• Task item
Among the entries below, how many lines include "name"? Answer with the number only.

• Stored dataset items
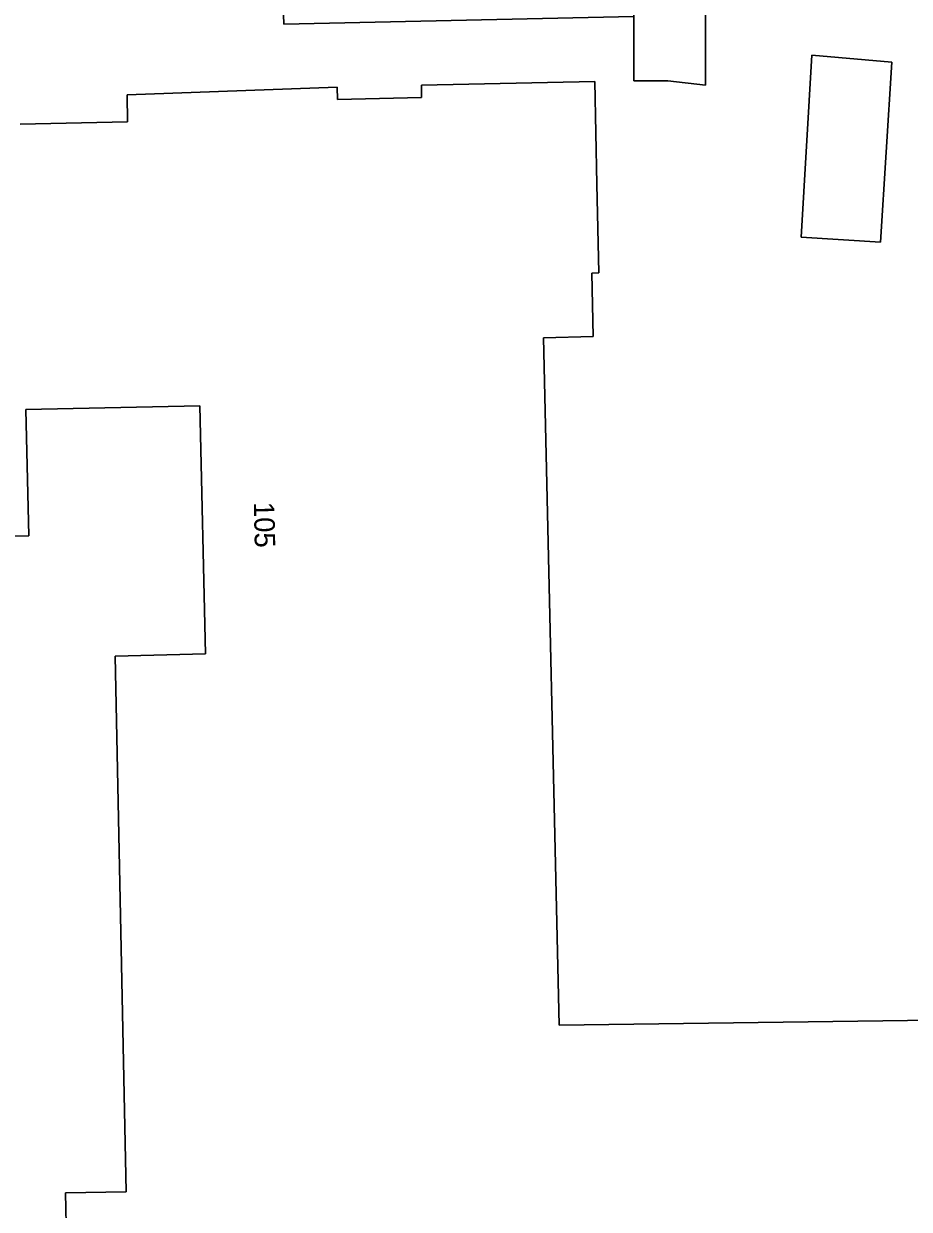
# Model space of a CAD drawing. Extents: x 157320 to 158835, y 386650 to 388491.
# Drawn here: x 157761.4 to 157804.6, y 387812.7 to 387870.6 of the extents above; entities that cross this region are included whole.
import ezdxf

# ---------------------------------------------------------------- set-up
doc = ezdxf.new("R2010")
doc.units = 0
for name, color, linetype in [('IMGEO_Erf', 7, 'Continuous'), ('IMGEO_Gemengd_bos', 7, 'Continuous'), ('IMGEO_Pand', 7, 'Continuous'), ('IMGEO_Pand_nummerreeks', 7, 'Continuous'), ('IMGEO_Voetpad_open', 7, 'Continuous')]:
    doc.layers.add(name, color=color, linetype=linetype)

msp = doc.modelspace()

# ---------------------------------------------------------------- linework, layer by layer
at = {"layer": 'IMGEO_Erf'}
for points in [[(157794.628, 387873.079), (157794.628, 387867.566), (157792.797, 387867.776), (157791.134, 387867.776), (157791.134, 387870.919), (157774.059, 387870.543), (157774.007, 387871.982)], [(157761.201, 387865.653), (157766.439, 387865.77), (157766.409, 387867.096), (157776.667, 387867.471), (157776.68, 387866.87), (157780.781, 387866.957), (157780.768, 387867.557), (157789.226, 387867.736), (157789.331, 387862.738), (157789.423, 387858.398), (157789.093, 387858.391), (157789.159, 387855.292), (157786.725, 387855.24), (157787.494, 387821.679), (157813.002, 387822.024), (157813.23, 387811.054)], [(157763.459, 387811.198), (157763.413, 387813.497), (157766.362, 387813.557), (157765.834, 387839.703), (157770.239, 387839.816), (157769.968, 387851.918), (157761.477, 387851.728), (157761.615, 387845.575), (157753.527, 387845.394)]]:
    msp.add_lwpolyline(points, dxfattribs=at)
msp.add_lwpolyline([(157799.304, 387860.147), (157799.822, 387869.034), (157803.726, 387868.686), (157803.163, 387859.895)], close=True, dxfattribs=at)
at = {"layer": 'IMGEO_Gemengd_bos'}
msp.add_lwpolyline([(157739.416, 387874.598), (157740.621, 387869.428), (157750.238, 387869.454), (157750.201, 387870.784), (157751.067, 387870.808), (157761.038, 387871.083), (157761.056, 387872.053), (157774.007, 387871.982), (157774.059, 387870.543), (157791.134, 387870.919), (157791.122, 387872.809)], close=True, dxfattribs=at)
at = {"layer": 'IMGEO_Pand'}
msp.add_lwpolyline([(157803.163, 387859.895), (157803.726, 387868.686), (157799.822, 387869.034), (157799.304, 387860.147)], close=True, dxfattribs=at)
for points in [[(157813.23, 387811.054), (157813.002, 387822.024), (157787.494, 387821.679), (157786.725, 387855.24), (157789.159, 387855.292), (157789.093, 387858.391), (157789.423, 387858.398), (157789.331, 387862.738), (157789.226, 387867.736), (157780.768, 387867.557), (157780.781, 387866.957), (157776.68, 387866.87), (157776.667, 387867.471), (157766.409, 387867.096), (157766.439, 387865.77), (157761.201, 387865.653)], [(157753.527, 387845.394), (157761.615, 387845.575), (157761.477, 387851.728), (157769.968, 387851.918), (157770.239, 387839.816), (157765.834, 387839.703), (157766.362, 387813.557), (157763.413, 387813.497), (157763.459, 387811.198)]]:
    msp.add_lwpolyline(points, dxfattribs=at)
at = {"layer": 'IMGEO_Voetpad_open'}
msp.add_lwpolyline([(157794.628, 387873.079), (157794.612, 387873.556), (157791.117, 387873.502), (157791.122, 387872.809), (157791.134, 387870.919), (157791.134, 387867.776), (157792.797, 387867.776), (157794.628, 387867.566)], close=True, dxfattribs=at)

# ---------------------------------------------------------------- texts
at = {"layer": 'IMGEO_Pand_nummerreeks'}
msp.add_text('105', height=1, rotation=271.28322, dxfattribs=at).set_placement((157772.594, 387847.211))

doc.saveas('drawing.dxf')

• Task result
2